La seguridad privada ante las 40 horas: liderar la transición o quedarnos atrás

La reducción gradual de la jornada laboral a 40 horas semanales representa un avance social relevante para el país. Sin embargo, en actividades que operan de manera permanente, las 24 horas al día y los 7 días de la semana, la medida implica una transformación estructural que no puede minimizarse. La seguridad privada en México está sujeta a esa realidad.
No se trata de un simple ajuste administrativo. Es un cambio que modificará costos, estructuras operativas, esquemas de contratación y modelos de servicio en los próximos años.
Históricamente, la seguridad privada ha sido una industria intensiva en capital humano. Una posición continua de vigilancia suele requerir más de cuatro elementos para cubrir rotaciones, descansos y obligaciones laborales. Con la implementación de la jornada de 40 horas, esa misma posición demandará un número significativamente mayor de personal. El impacto en costos será permanente y se reflejará en toda la estructura operativa.
A este desafío se añade otro igual de complejo: la escasez de talento operativo. Las regiones industriales del país, impulsadas por el crecimiento manufacturero y la relocalización de empresas, compiten agresivamente por la mano de obra. La seguridad privada enfrenta una presión creciente para atraer y retener personal.
El impacto será especialmente sensible en los sectores residencial y comercial. Miles de condominios y fraccionamientos en todo el país destinan una parte sustancial de sus cuotas al pago de seguridad privada. Para muchas familias, ese esfuerzo marca la diferencia entre vivir con tranquilidad o con incertidumbre. Si los costos se incrementan de manera abrupta, surgirán tensiones presupuestales, decisiones difíciles y, en el peor de los casos, un crecimiento de la informalidad.
Como sector, no podemos limitarnos a trasladar incrementos al cliente final ni adoptar una postura reactiva. Lo que corresponde es liderar la transición.

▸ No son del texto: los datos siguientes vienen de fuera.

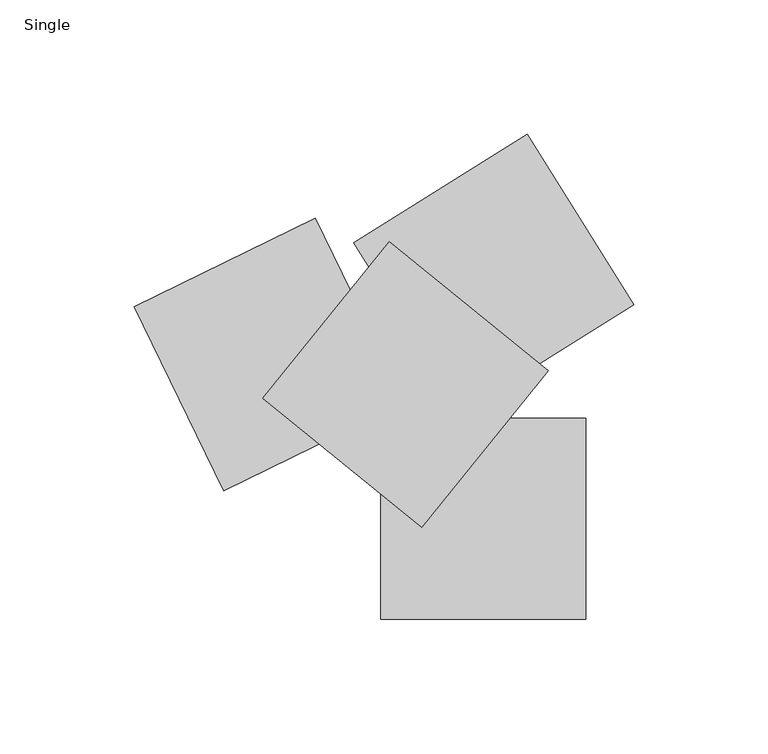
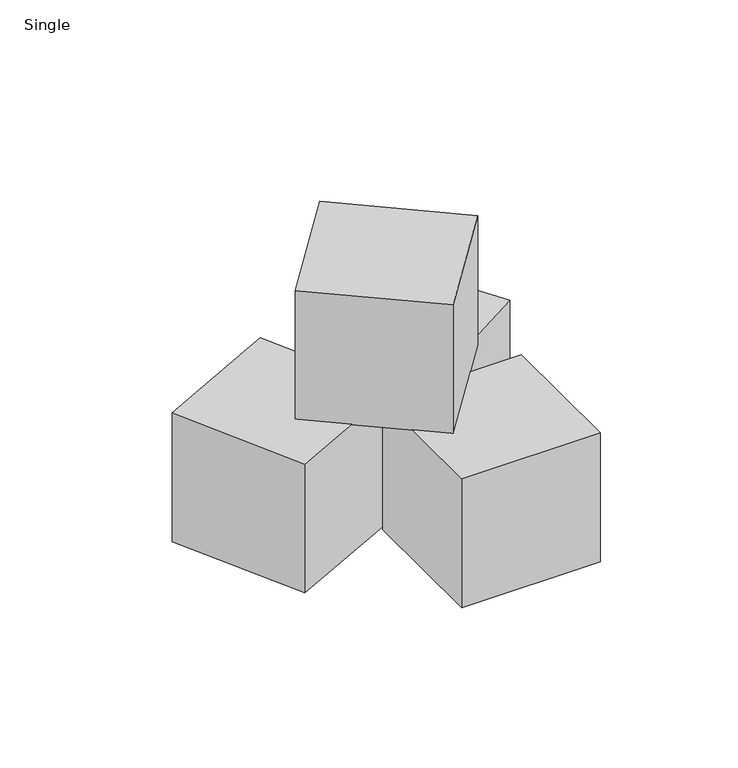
"""IFC4 building model written with IfcOpenShell, lengths in millimetres: furniture geometry, Blocks_Kid's Blocks_F00481EN : Single."""

import ifcopenshell
import ifcopenshell.guid

model = None  # the IFC model being written
_history = None  # IfcOwnerHistory: only IFC2X3 demands one
_inside = {}  # id of a spatial element -> (the spatial element, [elements in it])
_under = {}  # id of a project, library or spatial element -> (it, [spatial elements below it])
_declared = {}  # id of a project -> (the project, [libraries it declares])
_typed = {}  # id of a type object -> (the type object, [elements of that type])
_made_of = {}  # id of a material, layer set ... -> (it, [elements and type objects made of it])


def new_model(schema):
    """Start an empty IFC model of exactly this schema.

    Asked for "IFC4X3", IfcOpenShell would pick the latest addendum, in which some entities
    have other attributes; the version numbers below select the first issue.
    IFC2X3 requires an IfcOwnerHistory on every rooted entity: one is made here for all.
    """
    global model, _history
    if schema == "IFC4X3":
        model = ifcopenshell.file(schema_version=(4, 3, 0, 0))
    else:
        model = ifcopenshell.file(schema=schema)
    _inside.clear()
    _under.clear()
    _declared.clear()
    _typed.clear()
    _made_of.clear()
    _history = None
    if model.schema == "IFC2X3":
        org = make("IfcOrganization", Name="unknown")
        user = make(
            "IfcPersonAndOrganization",
            ThePerson=make("IfcPerson", FamilyName="unknown"),
            TheOrganization=org,
        )
        app = make(
            "IfcApplication",
            ApplicationDeveloper=org,
            Version="unknown",
            ApplicationFullName="unknown",
            ApplicationIdentifier="unknown",
        )
        _history = make(
            "IfcOwnerHistory",
            OwningUser=user,
            OwningApplication=app,
            ChangeAction="ADDED",
            CreationDate=0,
        )
    return model


def make(cls, **values):
    """One entity of the class cls with the attributes given. An attribute that is None is left unset."""
    return model.create_entity(
        cls, **{name: value for name, value in values.items() if value is not None}
    )


def rooted(cls, **values):
    """An entity with a GlobalId (a new one), such as an element, a storey or a relation."""
    return make(cls, GlobalId=ifcopenshell.guid.new(), OwnerHistory=_history, **values)


def si_unit(unit_type, name, prefix=None):
    """IfcSIUnit, for example si_unit("LENGTHUNIT", "METRE", prefix="MILLI")."""
    return make("IfcSIUnit", UnitType=unit_type, Prefix=prefix, Name=name)


def assignment(units):
    """IfcUnitAssignment: the units of a project."""
    return None if units is None else make("IfcUnitAssignment", Units=units)


def point(xyz):
    """IfcCartesianPoint."""
    return None if xyz is None else make("IfcCartesianPoint", Coordinates=xyz)


def direction(xyz):
    """IfcDirection."""
    return None if xyz is None else make("IfcDirection", DirectionRatios=xyz)


def frame(location, z_axis=None, x_axis=None):
    """IfcAxis2Placement3D, a coordinate frame: its origin and axes. An axis left out is left unset."""
    return make(
        "IfcAxis2Placement3D",
        Location=point(location),
        Axis=direction(z_axis),
        RefDirection=direction(x_axis),
    )


def origin():
    """The frame at (0, 0, 0) with its axes left unset."""
    return frame((0.0, 0.0, 0.0))


def origin_with_axes():
    """The frame at (0, 0, 0) with the z axis (0, 0, 1) and the x axis (1, 0, 0) written out."""
    return frame((0.0, 0.0, 0.0), z_axis=(0.0, 0.0, 1.0), x_axis=(1.0, 0.0, 0.0))


def place(relative_to, where):
    """IfcLocalPlacement: puts the frame where relative to a parent placement (None: the world)."""
    return make(
        "IfcLocalPlacement", PlacementRelTo=relative_to, RelativePlacement=where
    )


def context(
    kind, dimensions, precision=None, world=None, true_north=None, identifier=None
):
    """IfcGeometricRepresentationContext, for example the 3D "Model" context."""
    return make(
        "IfcGeometricRepresentationContext",
        ContextIdentifier=identifier,
        ContextType=kind,
        CoordinateSpaceDimension=dimensions,
        Precision=precision,
        WorldCoordinateSystem=world,
        TrueNorth=true_north,
    )


def project(units=None, contexts=None):
    """IfcProject with its units and contexts."""
    return rooted(
        "IfcProject",
        Name="project",
        RepresentationContexts=contexts,
        UnitsInContext=assignment(units),
    )


def spatial(cls, under=None, at=None, **own):
    """A site, building, storey or space (cls), placed at a placement, below another one or the project."""
    s = rooted(cls, ObjectPlacement=at, **own)
    if under is not None:
        _under.setdefault(under.id(), (under, []))[1].append(s)
    return s


def polyline(points):
    """IfcPolyline through the points."""
    return make("IfcPolyline", Points=[point(p) for p in points])


def outline(outer, holes=None, kind="AREA"):
    """IfcArbitraryClosedProfileDef: a profile drawn as a closed curve; with holes, ...WithVoids."""
    if holes is None:
        return make("IfcArbitraryClosedProfileDef", ProfileType=kind, OuterCurve=outer)
    return make(
        "IfcArbitraryProfileDefWithVoids",
        ProfileType=kind,
        OuterCurve=outer,
        InnerCurves=holes,
    )


def extrude(swept, where, along, depth):
    """IfcExtrudedAreaSolid: the profile swept, set in the frame where, extruded along a direction by depth."""
    return make(
        "IfcExtrudedAreaSolid",
        SweptArea=swept,
        Position=where,
        ExtrudedDirection=direction(along),
        Depth=depth,
    )


def shape(context_of_items, identifier, shape_type, items):
    """IfcShapeRepresentation: the items that make up one representation, for example the "Body"."""
    return make(
        "IfcShapeRepresentation",
        ContextOfItems=context_of_items,
        RepresentationIdentifier=identifier,
        RepresentationType=shape_type,
        Items=items,
    )


def source(mapping_origin, context_of_items, identifier, shape_type, items):
    """IfcRepresentationMap: a shape defined once, which mapped items show again and again."""
    return make(
        "IfcRepresentationMap",
        MappingOrigin=mapping_origin,
        MappedRepresentation=shape(context_of_items, identifier, shape_type, items),
    )


def transform(
    local_origin,
    x_axis=None,
    y_axis=None,
    z_axis=None,
    scale=None,
    scale2=None,
    scale3=None,
    uniform=True,
):
    """IfcCartesianTransformationOperator3D, or its non-uniform kind. x_axis, y_axis, z_axis: its Axis1, 2, 3."""
    if uniform:
        return make(
            "IfcCartesianTransformationOperator3D",
            Axis1=direction(x_axis),
            Axis2=direction(y_axis),
            LocalOrigin=point(local_origin),
            Scale=scale,
            Axis3=direction(z_axis),
        )
    return make(
        "IfcCartesianTransformationOperator3DnonUniform",
        Axis1=direction(x_axis),
        Axis2=direction(y_axis),
        LocalOrigin=point(local_origin),
        Scale=scale,
        Axis3=direction(z_axis),
        Scale2=scale2,
        Scale3=scale3,
    )


def mapped(mapping_source, mapping_target):
    """IfcMappedItem: shows the shape of a source again, moved by a transform."""
    return make(
        "IfcMappedItem", MappingSource=mapping_source, MappingTarget=mapping_target
    )


def made_of(thing, what):
    """Note that an element or type object is made of a material, layer set ...; save() writes the relation."""
    if what is not None:
        _made_of.setdefault(what.id(), (what, []))[1].append(thing)
    return thing


def element(
    cls,
    number,
    at=None,
    inside=None,
    cuts=None,
    type_object=None,
    material=None,
    context=None,
    identifier="Body",
    shape_type=None,
    held_by="IfcProductDefinitionShape",
    body=None,
    shapes=None,
    **own,
):
    """One element of the class cls, such as IfcWall. Its Tag is "e" and its number.

    at: its placement. inside: the storey or other place that contains it. cuts: it is an
    opening in that element (IfcRelVoidsElement). A single representation is given by context,
    identifier, shape_type and body (its items); several are given by shapes. held_by: the class
    of the entity that holds the representations. save() writes the other relations.
    """
    e = rooted(cls, Tag="e%d" % number, ObjectPlacement=at, **own)
    if body is not None:
        shapes = [shape(context, identifier, shape_type, body)]
    if shapes is not None:
        e.Representation = make(held_by, Representations=shapes)
    if inside is not None:
        _inside.setdefault(inside.id(), (inside, []))[1].append(e)
    if cuts is not None:
        rooted(
            "IfcRelVoidsElement", RelatingBuildingElement=cuts, RelatedOpeningElement=e
        )
    if type_object is not None:
        _typed.setdefault(type_object.id(), (type_object, []))[1].append(e)
    return made_of(e, material)


def aggregate(whole, parts):
    """IfcRelAggregates: a whole, such as a stair, and the parts it consists of."""
    return rooted("IfcRelAggregates", RelatingObject=whole, RelatedObjects=parts)


def save(model, path):
    """Write the relations noted so far, then the file.

    IfcRelAggregates (storeys below a building ...), IfcRelContainedInSpatialStructure (elements
    in a storey), IfcRelDefinesByType, IfcRelAssociatesMaterial and IfcRelDeclares: one each for
    every whole, place, type object, material and project.
    """
    for whole, parts in _under.values():
        aggregate(whole, parts)
    for where, things in _inside.values():
        rooted(
            "IfcRelContainedInSpatialStructure",
            RelatedElements=things,
            RelatingStructure=where,
        )
    for kind, things in _typed.values():
        rooted("IfcRelDefinesByType", RelatedObjects=things, RelatingType=kind)
    for what, things in _made_of.values():
        rooted("IfcRelAssociatesMaterial", RelatedObjects=things, RelatingMaterial=what)
    for by, libraries in _declared.values():
        rooted("IfcRelDeclares", RelatingContext=by, RelatedDefinitions=libraries)
    model.write(path)


def single_8627b193(model_context):
    return source(origin(), model_context, "Body", "SweptSolid", [
        extrude(outline(polyline([(64.2483207, -14.0), (64.2483207, -89.0), (-11.9953349, -89.0), (-11.9953349, -14.0), (64.2483207, -14.0)])), origin_with_axes(), (0.0, 0.0, 1.0), 75.0),
        extrude(outline(polyline([(-3.1004662, -8.1597049), (-70.5100197, -41.037541), (-103.9330384, 27.4898027), (-36.5234849, 60.3676387), (-3.1004662, -8.1597049)])), origin_with_axes(), (0.0, 0.0, 1.0), 75.0),
        extrude(outline(polyline([(17.5326474, -12.2536411), (-22.2112974, 51.3499661), (42.4469895, 91.752948), (82.1909343, 28.1493408), (17.5326474, -12.2536411)])), origin_with_axes(), (0.0, 0.0, 1.0), 75.0),
        extrude(outline(polyline([(-56.0399016, -6.65213), (-8.8408723, 51.6338171), (50.4115767, 3.65213), (3.2125474, -54.6338171), (-56.0399016, -6.65213)])), frame((0.0, 0.0, 75.0), z_axis=(0.0, 0.0, 1.0), x_axis=(1.0, 0.0, 0.0)), (0.0, 0.0, 1.0), 75.0),
    ])


if __name__ == "__main__":
    model = new_model("IFC4")
    model_context = context("Model", 3, world=origin())
    ifc_project = project(units=[si_unit("LENGTHUNIT", "METRE", prefix="MILLI")], contexts=[model_context])
    site = spatial("IfcSite", under=ifc_project)
    building = spatial("IfcBuilding", under=site)
    placement = place(None, origin())
    single_shape = single_8627b193(model_context)
    element("IfcFurniture", 1, ObjectType="Blocks_Kid's Blocks_F00481EN : Single", at=placement, inside=building, context=model_context, shape_type="MappedRepresentation", body=[
        mapped(single_shape, transform((0.0, 0.0, 0.0), x_axis=(1.0, 0.0, 0.0), y_axis=(0.0, 1.0, 0.0), z_axis=(0.0, 0.0, 1.0))),
    ])
    save(model, "model.ifc")

El modelo tradicional de vigilancia presencial deberá evolucionar hacia esquemas híbridos. La tecnología —videovigilancia inteligente, analítica de video, monitoreo remoto y controles de acceso automatizados— no elimina al personal. Reordena su función y mejora su productividad. Permite optimizar recursos, elevar estándares y ofrecer soluciones integrales en lugar de servicios aislados por posición.
La seguridad tendrá que acelerar el cambio. Las empresas líderes en el mundo ya están adoptando ese modelo con disciplina operativa. Están invirtiendo en plataformas que integran distintos sistemas en un solo tablero, combinan infraestructura propia con capacidades en la nube y automatizan tareas repetitivas para que el personal se concentre en decisiones y respuesta. También están elevando el perfil del personal con formación técnica y migrando a modelos basados en niveles de servicio y desempeño.
El guardia tradicional deberá transformarse en un técnico en seguridad integral, capacitado en gestión de riesgos, protocolos de emergencia, protección civil y operación de plataformas digitales. La profesionalización será un requisito de permanencia y una ventaja competitiva.
En paralelo, crece la exigencia de reglas claras en el uso de datos y herramientas digitales, porque la seguridad ahora también implica cuidar información, privacidad y trazabilidad.
Se producirá una inevitable consolidación del mercado. Las empresas que no inviertan en cumplimiento normativo, tecnología y capacitación enfrentarán mayores dificultades para sostener su operación. En este nuevo entorno, competir exclusivamente por precio no será una verdadera opción.
La reforma laboral representa un catalizador para modernizar la industria. Para lograrlo se requiere diálogo responsable entre autoridades, empresas y usuarios. Una transición ordenada evitará distorsiones, informalidad y deterioro en la calidad del servicio.
La seguridad privada cumple una función complementaria a la seguridad pública. Protege personas y activos en industrias, cadenas logísticas, desarrollos habitacionales y espacios comerciales que sostienen la actividad económica del país. Cualquier transformación que afecte su viabilidad operativa tendrá implicaciones más amplias de lo que puede pensarse en primera instancia.
Los tres años que durará la transición a las 40 horas marcarán un antes y un después para nuestra industria. La opción responsable es liderar la adaptación con planeación, estándares y productividad, para proteger al usuario final y asegurar la continuidad operativa.
El momento exige visión estratégica, inversión inteligente y responsabilidad sectorial. La transformación no es opcional, es la condición para fortalecer la seguridad en México en una nueva etapa laboral y económica.
Como escribió Viktor Frankl en El hombre en busca de sentido, “Cuando ya no podemos cambiar una situación, el desafío es cambiarnos a nosotros mismos”.